The --log_samples saves the full output of the test including all the model's answers. Unnecessary for most uses but I find it's helpful for debugging sometimes.
The sqlite cache allows the test to retry if it fails.
Batch size: I usually start by setting it to auto:9, which means it will recalculate the optimal batch size 9 times as it goes along. Since lm-eval orders the test set by size (largest first), the max batch size will start out small and get bigger, so if it's going to be a long eval time it pays to have the batch size automatically resize.
The downside is that it often gets it wrong and you end up with out of memory errors. In that case you have to set it manually and use trial & error.
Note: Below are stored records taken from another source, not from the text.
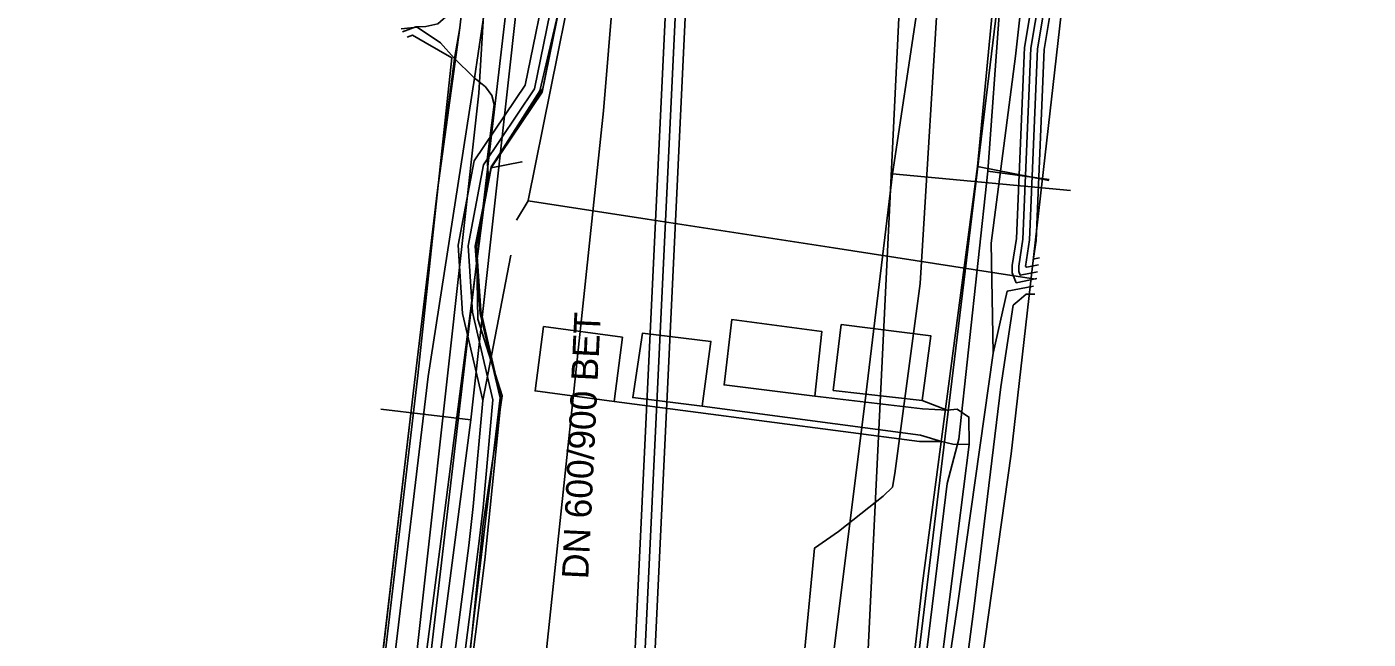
# Model space of a CAD drawing. Extents: x -600309 to -598967, y -1161267 to -1160292.
# Drawn here: x -599103.43 to -599062.77, y -1160957.93 to -1160939.36 of the extents above; entities that cross this region are included whole.
import ezdxf

# ---------------------------------------------------------------- set-up
doc = ezdxf.new("R2010")
doc.units = 0
for name, color, linetype in [('Vrstva 10', 7, 'Continuous'), ('Vrstva 12', 7, 'Continuous'), ('Vrstva 13', 7, 'Continuous'), ('Vrstva 16', 7, 'Continuous'), ('Vrstva 19', 7, 'Continuous'), ('Vrstva 42', 7, 'Continuous'), ('Vrstva 44', 7, 'Continuous'), ('Vrstva 54', 7, 'Continuous'), ('Vrstva 55', 7, 'Continuous'), ('Vrstva 58', 7, 'Continuous'), ('Vrstva 9', 7, 'Continuous')]:
    doc.layers.add(name, color=color, linetype=linetype)

msp = doc.modelspace()

# ---------------------------------------------------------------- linework, layer by layer
at = {"layer": 'Vrstva 10'}
for p, q in [((-599085.318, -1160965.214), (-599083.771, -1160932.67)), ((-599083.172, -1160932.699), (-599084.718, -1160965.242))]:
    msp.add_line(p, q, dxfattribs=at)
msp.add_lwpolyline([(-599078.52, -1160970.46), (-599078.49, -1160969.9), (-599076.14, -1160921.39), (-599076.11, -1160920.83)], dxfattribs=at)
at = {"layer": 'Vrstva 12'}
for points in [[(-599076.75, -1160961.37), (-599073.58, -1160935.17), (-599073.8, -1160932.75), (-599073.32, -1160930.66), (-599071.48, -1160922.88), (-599071.97, -1160914.37), (-599075.73, -1160885.06), (-599076.28, -1160881.3)], [(-599078.52, -1160970.46), (-599078.49, -1160969.9), (-599076.14, -1160921.39), (-599076.11, -1160920.83)], [(-599093.53, -1160974.03), (-599092.25, -1160964.08), (-599089.73, -1160941.38), (-599088.96, -1160928.6)], [(-599068.82, -1160931.67), (-599070.92, -1160931.71), (-599072.73, -1160932.51), (-599073.59, -1160933.99), (-599074.3, -1160943.74)], [(-599074.3, -1160943.74), (-599075.18, -1160951.87), (-599075.53, -1160953.21), (-599077.15, -1160966.48), (-599077.18, -1160967.94), (-599078.09, -1160973.91)], [(-599074.3, -1160943.74), (-599072.44, -1160944)]]:
    msp.add_lwpolyline(points, dxfattribs=at)
at = {"layer": 'Vrstva 13'}
msp.add_line((-599077.19, -1160943.82), (-599071.788, -1160944.332), dxfattribs=at)
for points in [[(-599086.629, -1161017.283), (-599085.561, -1161009.137), (-599084.815, -1161003.441), (-599084.71, -1161002.64), (-599080.51, -1160970.65), (-599080.1, -1160967.363), (-599079.637, -1160963.654), (-599079.404, -1160961.786), (-599078, -1160950.54), (-599077.19, -1160943.82), (-599075.71, -1160933.99), (-599075.9, -1160931.24), (-599079.535, -1160887.787)], [(-599087.218, -1160924.142), (-599087.278, -1160924.842), (-599087.456, -1160926.459), (-599092.039, -1160965.733), (-599102.206, -1161043.368), (-599112.605, -1161116.263), (-599117.926, -1161169.4), (-599117.996, -1161169.89), (-599183.336, -1161201.145), (-599207.239, -1161215.957)]]:
    msp.add_lwpolyline(points, dxfattribs=at)
at = {"layer": 'Vrstva 16'}
for points in [[(-599111.49, -1160733.02), (-599103, -1160796), (-599102.06, -1160803.46), (-599101.69, -1160806.18), (-599101.7, -1160807.4), (-599097.54, -1160837.73), (-599093.02, -1160870.62), (-599087.04, -1160918.94), (-599088.54, -1160938.31), (-599089.97, -1160951.28), (-599094.48, -1160985.82)], [(-599089.97, -1160951.28), (-599092.7, -1160950.96)]]:
    msp.add_lwpolyline(points, dxfattribs=at)
at = {"layer": 'Vrstva 19'}
for points in [[(-599085, -1160930.39), (-599085.044, -1160930.926), (-599085.95, -1160941.91), (-599090.16, -1160981.76)], [(-599085.33, -1161002.59), (-599085.26, -1161001.65), (-599085.24, -1161001.33), (-599085.15, -1161000.04), (-599083.59, -1160988.06), (-599081.79, -1160972.81), (-599080.96, -1160967.67), (-599080.84, -1160966.69), (-599080.29, -1160962.23), (-599080.14, -1160961.28), (-599079.55, -1160955.17), (-599078.82, -1160954.67), (-599077.47, -1160953.6), (-599077.19, -1160953.33), (-599077.12, -1160952.91), (-599076.35, -1160947.15), (-599075.75, -1160937.41), (-599075.4, -1160934.8), (-599075.35, -1160934.45), (-599074.85, -1160931.09)]]:
    msp.add_lwpolyline(points, dxfattribs=at)
at = {"layer": 'Vrstva 42'}
for points in [[(-599074.82, -1160894.78), (-599073.81, -1160903.3), (-599072.71, -1160912.2), (-599072.56, -1160913.652), (-599072.514, -1160914.094), (-599071.83, -1160920.71), (-599071.29, -1160923.91), (-599071.53, -1160931.42), (-599072.16, -1160934.56), (-599072.45, -1160935.31), (-599072.684, -1160936.976), (-599073.187, -1160939.993), (-599073.432, -1160945.786), (-599073.555, -1160946.606), (-599073.561, -1160946.827), (-599073.433, -1160947.128), (-599072.812, -1160947.002)], [(-599072.786, -1160946.793), (-599073.313, -1160946.9), (-599073.36, -1160946.789), (-599073.355, -1160946.624), (-599073.233, -1160945.805), (-599072.988, -1160940.014), (-599072.207, -1160935.333), (-599071.967, -1160934.598), (-599071.25, -1160931.3), (-599071, -1160923.95), (-599071.51, -1160920.68), (-599072.39, -1160912.21), (-599073.54, -1160903.24), (-599074.49, -1160894.73)], [(-599097.718, -1161019.921), (-599095.763, -1161007.197), (-599095.192, -1161003.648), (-599094.56, -1160998.354), (-599094.831, -1160996.489), (-599094.44, -1160992.187), (-599093.567, -1160984.908), (-599091.161, -1160967.703), (-599091.973, -1160964.785), (-599091.582, -1160962.168), (-599090.198, -1160959.942), (-599089.086, -1160950.617), (-599089.687, -1160948.061), (-599089.838, -1160946.015), (-599089.356, -1160943.609), (-599087.792, -1160941.233), (-599087.07, -1160937.623), (-599085.807, -1160927.366), (-599086.108, -1160917.38), (-599073.534, -1160915.996), (-599074.046, -1160910.762), (-599074.316, -1160904.716), (-599074.708, -1160898.099)], [(-599074.921, -1160898.144), (-599074.51, -1160904.711), (-599074.17, -1160910.869), (-599073.712, -1160916.021), (-599085.717, -1160917.019), (-599086.309, -1160917.072), (-599086.08, -1160921.335), (-599086, -1160927.317), (-599086.711, -1160933.739), (-599087.292, -1160937.576), (-599088.039, -1160941.249), (-599089.588, -1160943.548), (-599090.049, -1160946.009), (-599089.921, -1160948.018), (-599089.308, -1160950.68), (-599089.601, -1160953.945), (-599089.737, -1160955.126), (-599090.356, -1160959.945), (-599090.555, -1160960.234), (-599090.822, -1160961.928)], [(-599074.921, -1160898.144), (-599074.51, -1160904.711), (-599074.17, -1160910.869), (-599073.712, -1160916.021), (-599085.717, -1160917.019), (-599086.309, -1160917.072), (-599086.08, -1160921.335), (-599086, -1160927.317), (-599086.711, -1160933.739), (-599087.292, -1160937.576), (-599088.039, -1160941.249), (-599089.588, -1160943.548), (-599090.049, -1160946.009), (-599089.921, -1160948.018), (-599089.308, -1160950.68), (-599089.601, -1160953.945), (-599089.737, -1160955.126), (-599090.356, -1160959.945), (-599090.555, -1160960.234), (-599090.822, -1160961.928)], [(-599074.921, -1160898.144), (-599074.51, -1160904.711), (-599074.17, -1160910.869), (-599073.712, -1160916.021), (-599085.717, -1160917.019), (-599086.309, -1160917.072), (-599086.08, -1160921.335), (-599086, -1160927.317), (-599086.711, -1160933.739), (-599087.292, -1160937.576), (-599088.039, -1160941.249), (-599089.588, -1160943.548), (-599090.049, -1160946.009), (-599089.921, -1160948.018), (-599089.308, -1160950.68), (-599089.601, -1160953.945), (-599089.737, -1160955.126), (-599090.356, -1160959.945)], [(-599074.921, -1160898.144), (-599074.51, -1160904.711), (-599074.17, -1160910.869), (-599073.712, -1160916.021), (-599085.717, -1160917.019), (-599086.309, -1160917.072), (-599086.08, -1160921.335), (-599086, -1160927.317), (-599086.711, -1160933.739), (-599087.292, -1160937.576), (-599088.039, -1160941.249), (-599089.588, -1160943.548), (-599090.049, -1160946.009), (-599089.921, -1160948.018), (-599089.308, -1160950.68), (-599089.601, -1160953.945), (-599089.737, -1160955.126), (-599090.356, -1160959.945)], [(-599075.219, -1160898.176), (-599074.81, -1160904.729), (-599074.47, -1160910.891), (-599074.038, -1160915.747), (-599085.743, -1160916.721), (-599086.625, -1160916.798), (-599086.38, -1160921.345), (-599086.3, -1160927.303), (-599087.009, -1160933.701), (-599087.588, -1160937.524), (-599088.321, -1160941.131), (-599089.872, -1160943.432), (-599090.351, -1160945.991), (-599090.219, -1160948.062), (-599089.612, -1160950.7), (-599089.899, -1160953.915), (-599090.035, -1160955.09), (-599090.644, -1160959.835)], [(-599075.219, -1160898.176), (-599074.81, -1160904.729), (-599074.47, -1160910.891), (-599074.038, -1160915.747), (-599085.743, -1160916.721), (-599086.625, -1160916.798), (-599086.38, -1160921.345), (-599086.3, -1160927.303), (-599087.009, -1160933.701), (-599087.588, -1160937.524), (-599088.321, -1160941.131), (-599089.872, -1160943.432), (-599090.351, -1160945.991), (-599090.219, -1160948.062), (-599089.612, -1160950.7), (-599089.899, -1160953.915), (-599090.035, -1160955.09), (-599090.644, -1160959.835)], [(-599075.219, -1160898.176), (-599074.81, -1160904.729), (-599074.47, -1160910.891), (-599074.038, -1160915.747), (-599085.743, -1160916.721), (-599086.625, -1160916.798), (-599086.38, -1160921.345), (-599086.3, -1160927.303), (-599087.009, -1160933.701), (-599087.588, -1160937.524), (-599088.321, -1160941.131), (-599089.872, -1160943.432), (-599090.351, -1160945.991), (-599090.219, -1160948.062), (-599089.612, -1160950.7), (-599088.763, -1160946.288)], [(-599075.219, -1160898.176), (-599074.81, -1160904.729), (-599074.47, -1160910.891), (-599074.038, -1160915.747), (-599085.743, -1160916.721), (-599086.625, -1160916.798), (-599086.38, -1160921.345), (-599086.3, -1160927.303), (-599087.009, -1160933.701), (-599087.588, -1160937.524), (-599088.321, -1160941.131), (-599089.872, -1160943.432), (-599090.351, -1160945.991), (-599090.219, -1160948.062), (-599089.612, -1160950.7), (-599088.763, -1160946.288)], [(-599090.84, -1160902.9), (-599090.07, -1160909.46), (-599088.86, -1160918.15), (-599088.8, -1160925), (-599089.49, -1160932.11), (-599089.41, -1160932.79), (-599089.84, -1160937.5), (-599090.16, -1160938.57), (-599090.97, -1160939.27), (-599091.34, -1160939.36), (-599091.635, -1160939.367), (-599091.8, -1160939.427), (-599092.038, -1160939.517)], [(-599072.761, -1160946.584), (-599073.115, -1160946.658), (-599073.154, -1160946.632), (-599073.033, -1160945.825), (-599072.788, -1160940.034), (-599072.013, -1160935.381), (-599071.777, -1160934.66), (-599071.61, -1160934.22), (-599071.45, -1160933.9), (-599071.05, -1160931.322), (-599070.801, -1160923.939), (-599070.95, -1160922.49), (-599070.85, -1160922.11), (-599070.43, -1160922.06), (-599068.965, -1160922.225), (-599068.17, -1160922.32), (-599065.69, -1160922.56), (-599062.46, -1160922.87)], [(-599072.735, -1160946.374), (-599072.88, -1160946.403), (-599072.914, -1160946.381), (-599072.834, -1160945.844), (-599072.589, -1160940.055), (-599071.818, -1160935.429), (-599071.53, -1160934.546), (-599071.4, -1160934.4), (-599071.09, -1160934.18), (-599069.61, -1160933.28), (-599068.47, -1160932.79), (-599064.57, -1160932.87), (-599059.79, -1160933.19)], [(-599089.53, -1160938.68), (-599089.86, -1160940.92), (-599091.26, -1160949.97), (-599092.31, -1160958.68), (-599093.33, -1160966.37), (-599094.3, -1160974.4), (-599095.19, -1160981.66), (-599096.59, -1160992.01), (-599097.83, -1161001.6), (-599098.13, -1161003.91), (-599099.05, -1161011.9), (-599099.36, -1161013.98), (-599099.393, -1161014.316)], [(-599100.36, -1161013.987), (-599099.94, -1161014), (-599099.76, -1161013.84), (-599099.39, -1161011.81), (-599098.38, -1161003.87), (-599098.12, -1161001.57), (-599096.86, -1160992), (-599095.53, -1160981.63), (-599094.63, -1160974.41), (-599093.67, -1160966.3), (-599092.6, -1160958.63), (-599091.58, -1160949.94), (-599090.55, -1160940.31), (-599091.36, -1160939.84), (-599091.744, -1160939.619), (-599091.903, -1160939.68)], [(-599092.084, -1160939.428), (-599091.6, -1160939.38), (-599090.89, -1160939.85), (-599090.48, -1160940.32), (-599089.88, -1160940.9), (-599089.53, -1160941.18), (-599089.33, -1160941.45), (-599089.26, -1160941.72), (-599089.48, -1160943.39), (-599089.45, -1160943.81), (-599090.76, -1160954.03), (-599092.46, -1160967.15)], [(-599088.23, -1160944.64), (-599088.587, -1160945.232)], [(-599088.23, -1160944.64), (-599088.587, -1160945.232)], [(-599098.245, -1161020.516), (-599096.718, -1161010.167), (-599095.679, -1161003.61), (-599095.081, -1160998.223), (-599095.341, -1160996.466), (-599095.019, -1160992.097), (-599095.39, -1160988.95), (-599094.058, -1160984.847), (-599092.519, -1160974.769), (-599091.633, -1160967.634), (-599092.554, -1160964.771), (-599092.083, -1160961.922), (-599090.644, -1160959.835), (-599090.035, -1160955.09), (-599089.899, -1160953.915), (-599089.612, -1160950.7), (-599088.763, -1160946.288)], [(-599098.245, -1161020.516), (-599096.718, -1161010.167), (-599095.679, -1161003.61), (-599095.081, -1160998.223), (-599095.341, -1160996.466), (-599095.019, -1160992.097), (-599095.39, -1160988.95), (-599094.058, -1160984.847), (-599092.519, -1160974.769), (-599091.633, -1160967.634), (-599092.554, -1160964.771), (-599092.083, -1160961.922), (-599090.644, -1160959.835), (-599090.035, -1160955.09), (-599089.899, -1160953.915), (-599089.612, -1160950.7), (-599088.763, -1160946.288)], [(-599072.912, -1160947.229), (-599073.712, -1160947.386), (-599074.134, -1160949.259), (-599075.213, -1160956.913), (-599075.578, -1160959.36), (-599078.769, -1160983.989), (-599079.073, -1160986.792), (-599081.257, -1161003.166), (-599082.412, -1161014.114), (-599083.707, -1161021.564), (-599083.639, -1161023.801), (-599084.361, -1161031.954), (-599084.794, -1161036.062), (-599082.191, -1161039.945), (-599078.261, -1161042.208), (-599073.453, -1161041.584), (-599068.368, -1161040.578), (-599068.427, -1161040.111)], [(-599072.869, -1160947.468), (-599073.138, -1160947.477), (-599073.35, -1160947.65), (-599073.53, -1160947.81), (-599073.9, -1160950.28), (-599074.71, -1160956.93), (-599075.5, -1160962.96)], [(-599075.7, -1160951.936), (-599076.366, -1160951.943), (-599085.625, -1160950.731), (-599088.022, -1160950.404), (-599087.771, -1160948.454)], [(-599087.771, -1160948.454), (-599085.374, -1160948.781), (-599085.625, -1160950.731)], [(-599075.532, -1160950.99), (-599076.278, -1160950.952), (-599079.537, -1160950.561), (-599082.292, -1160950.225), (-599082.061, -1160948.245), (-599079.328, -1160948.606), (-599079.537, -1160950.561)], [(-599075.532, -1160950.99), (-599076.288, -1160950.701), (-599078.983, -1160950.391), (-599078.742, -1160948.394), (-599076.029, -1160948.734), (-599076.288, -1160950.701)], [(-599075.7, -1160951.936), (-599076.338, -1160951.744), (-599082.955, -1160950.867), (-599085.061, -1160950.608), (-599084.77, -1160948.655), (-599082.691, -1160948.906), (-599082.955, -1160950.867)], [(-599084.6, -1161021.86), (-599083.88, -1161021.53), (-599082.07, -1161009.52), (-599080.45, -1160996.87), (-599079.53, -1160989.38), (-599078.13, -1160977.89), (-599076.58, -1160965.58), (-599074.86, -1160952.03), (-599074.87, -1160951.2), (-599075.23, -1160950.96)], [(-599075.23, -1160950.96), (-599075.532, -1160950.99)], [(-599075.36, -1160952.02), (-599075.7, -1160951.936)], [(-599074.86, -1160952.03), (-599075.36, -1160952.02)]]:
    msp.add_lwpolyline(points, dxfattribs=at)
at = {"layer": 'Vrstva 44'}
for points in [[(-599060.78, -1160933.34), (-599067.34, -1160933.01), (-599068.99, -1160932.98), (-599069.27, -1160933.07), (-599070.12, -1160933.36), (-599070.49, -1160933.49), (-599071.15, -1160933.51), (-599071.63, -1160933.57), (-599072.21, -1160933.84), (-599072.67, -1160934.4), (-599072.86, -1160934.86), (-599073.46, -1160940.25), (-599074.2, -1160945.93), (-599074.134, -1160949.259)], [(-599074.134, -1160949.259), (-599075.213, -1160956.913), (-599075.578, -1160959.36), (-599078.769, -1160983.989), (-599079.073, -1160986.792), (-599081.257, -1161003.166), (-599082.412, -1161014.114), (-599084.526, -1161031.949)]]:
    msp.add_lwpolyline(points, dxfattribs=at)
at = {"layer": 'Vrstva 54'}
for points in [[(-599088.228, -1160944.633), (-599085.52, -1160931.2), (-599086.47, -1160915.27)], [(-599078.98, -1160946.07), (-599084.62, -1160945.2), (-599088.23, -1160944.64)], [(-599072.85, -1160947.02), (-599078.98, -1160946.07)]]:
    msp.add_lwpolyline(points, dxfattribs=at)
at = {"layer": 'Vrstva 55'}
for points in [[(-599090.116, -1160960.037), (-599089.542, -1160955.533), (-599089.056, -1160950.662), (-599089.672, -1160947.982), (-599089.798, -1160946.024), (-599089.352, -1160943.644), (-599088.42, -1160943.46), (-599089.352, -1160943.644), (-599087.804, -1160941.348), (-599087.046, -1160937.62), (-599086.464, -1160933.772), (-599089.89, -1160932.51), (-599094.96, -1160929.13), (-599094.856, -1160928.767)], [(-599102.45, -1161026.64), (-599100.32, -1161026.69), (-599100.4, -1161026.73), (-599100.44, -1161027.32), (-599083.9, -1161028.96), (-599081.18, -1161009.47), (-599079.39, -1160995.93), (-599078.38, -1160987.06), (-599078.02, -1160984), (-599076.79, -1160974.19), (-599075.75, -1160967.73), (-599077.84, -1160967.4), (-599075.75, -1160967.68), (-599073.59, -1160952.31), (-599071.725, -1160935.946), (-599070.942, -1160936.057)]]:
    msp.add_lwpolyline(points, dxfattribs=at)
at = {"layer": 'Vrstva 58'}
for points in [[(-599086.86, -1161033.06), (-599078.59, -1160971.02), (-599078.49, -1160969.9), (-599076.14, -1160921.39), (-599076.18, -1160920.27), (-599081.77, -1160876.19), (-599081.84, -1160875.63), (-599081.91, -1160875.07), (-599089.2, -1160818.766), (-599092.45, -1160793.67), (-599092.6, -1160792.56), (-599099.731, -1160739.009)], [(-599086.86, -1161033.06), (-599078.59, -1160971.02), (-599078.49, -1160969.9), (-599076.14, -1160921.39), (-599076.18, -1160920.27), (-599081.77, -1160876.19), (-599081.84, -1160875.63), (-599081.91, -1160875.07), (-599089.2, -1160818.766), (-599092.45, -1160793.67), (-599092.6, -1160792.56), (-599099.731, -1160739.009)], [(-599086.86, -1161033.06), (-599078.59, -1160971.02), (-599078.49, -1160969.9), (-599076.14, -1160921.39), (-599076.18, -1160920.27), (-599081.77, -1160876.19), (-599081.84, -1160875.63), (-599081.91, -1160875.07), (-599089.2, -1160818.766), (-599092.45, -1160793.67), (-599092.6, -1160792.56), (-599099.731, -1160739.009)], [(-599074.629, -1160898.16), (-599074.303, -1160904.725), (-599074.017, -1160910.842), (-599073.528, -1160915.898), (-599086.169, -1160917.325), (-599085.761, -1160927.356), (-599086.617, -1160933.758), (-599087.025, -1160937.632), (-599087.882, -1160941.302), (-599089.35, -1160943.626), (-599089.798, -1160945.91)], [(-599099.99, -1161014.71), (-599098.68, -1161005.74), (-599097.64, -1160996.52), (-599097.52, -1160995.88), (-599095.38, -1160980.8), (-599094.26, -1160971.35), (-599094.07, -1160967.97), (-599093.82, -1160966.24), (-599093.09, -1160962.19), (-599091.71, -1160950.4), (-599090.98, -1160944.32), (-599090.47, -1160940.33), (-599090.3, -1160939.4), (-599089.27, -1160930.19), (-599089.01, -1160924.68), (-599089.072, -1160922.98)], [(-599100.61, -1161019.3), (-599100.19, -1161015.83), (-599099.99, -1161014.71), (-599099.503, -1161011.378), (-599098.534, -1161004.446), (-599097.974, -1160999.478), (-599097.64, -1160996.52), (-599097.52, -1160995.88), (-599095.38, -1160980.8), (-599094.26, -1160971.35), (-599094.07, -1160967.97), (-599093.82, -1160966.24), (-599093.046, -1160961.816), (-599092.349, -1160955.857), (-599091.71, -1160950.4), (-599090.98, -1160944.32), (-599090.3, -1160939.4), (-599089.27, -1160930.19), (-599089.06, -1160928.33)], [(-599068.96, -1160931.51), (-599069.71, -1160931.95), (-599070.607, -1160932.242), (-599071.48, -1160932.91), (-599072.74, -1160934.31), (-599073.82, -1160935.67), (-599073.92, -1160936.42), (-599074.61, -1160943.6)], [(-599074.61, -1160943.6), (-599076.28, -1160956.24), (-599076.73, -1160960.23), (-599077.18, -1160964.24), (-599077.78, -1160967.9), (-599078.42, -1160974.03)], [(-599074.61, -1160943.6), (-599072.446, -1160944.024)], [(-599089.798, -1160945.91), (-599089.757, -1160948.234), (-599089.023, -1160950.559), (-599089.594, -1160954.432), (-599090.165, -1160960.019), (-599091.633, -1160962.058), (-599091.959, -1160964.749), (-599091.144, -1160967.644), (-599093.264, -1160983.017), (-599094.854, -1160996.433), (-599094.406, -1160998.309), (-599095.14, -1161003.61), (-599096.159, -1161010.297), (-599097.954, -1161020.94)]]:
    msp.add_lwpolyline(points, dxfattribs=at)
at = {"layer": 'Vrstva 9'}
msp.add_line((-599083.471, -1160932.685), (-599085.018, -1160965.228), dxfattribs=at)

# ---------------------------------------------------------------- texts
at = {"layer": 'Vrstva 12'}
msp.add_text('DN 600/900 BET', height=0.8, rotation=87.2964, dxfattribs=at).set_placement((-599086.412, -1160956.125))

doc.saveas('drawing.dxf')

I've read that batch sizes > 1 can affect score negatively, but at least in my limited comparisons it's been neglible. Running lm-eval with batch size 1 is suuuuper slow.
You can run it with llama.cpp server, but it's slow because it forces batch size 1. But that might be fine if it's running locally and you can just leave it overnight. The command looks something like this:
lm_eval --model gguf --model_args base_url=http://localhost:8000 --tasks winogrande --batch_size auto:9 --verbosity DEBUG --log_samples --output_path output/miqu --use_cache sqlite_cache_miqu
Now that the llama.cpp server is running correctly, would it be possible to have this model tested?
https://huggingface.co/Infinimol/miiqu-gguf using ChatML format and context length >= 1024, please :)
It is a model I been working on it for some time, and I think it's interesting. It is not a fine-tune, but a merge, and I find it consistently scores higher than the base model (miqu), which I think is a first for a pure merge model. Eq-bench runs in about 15 mins on an A100.
The model is GGUF, but split to fit under the 50Gb limit on Huggingface, but the model card give the one-liner to reassemble the file.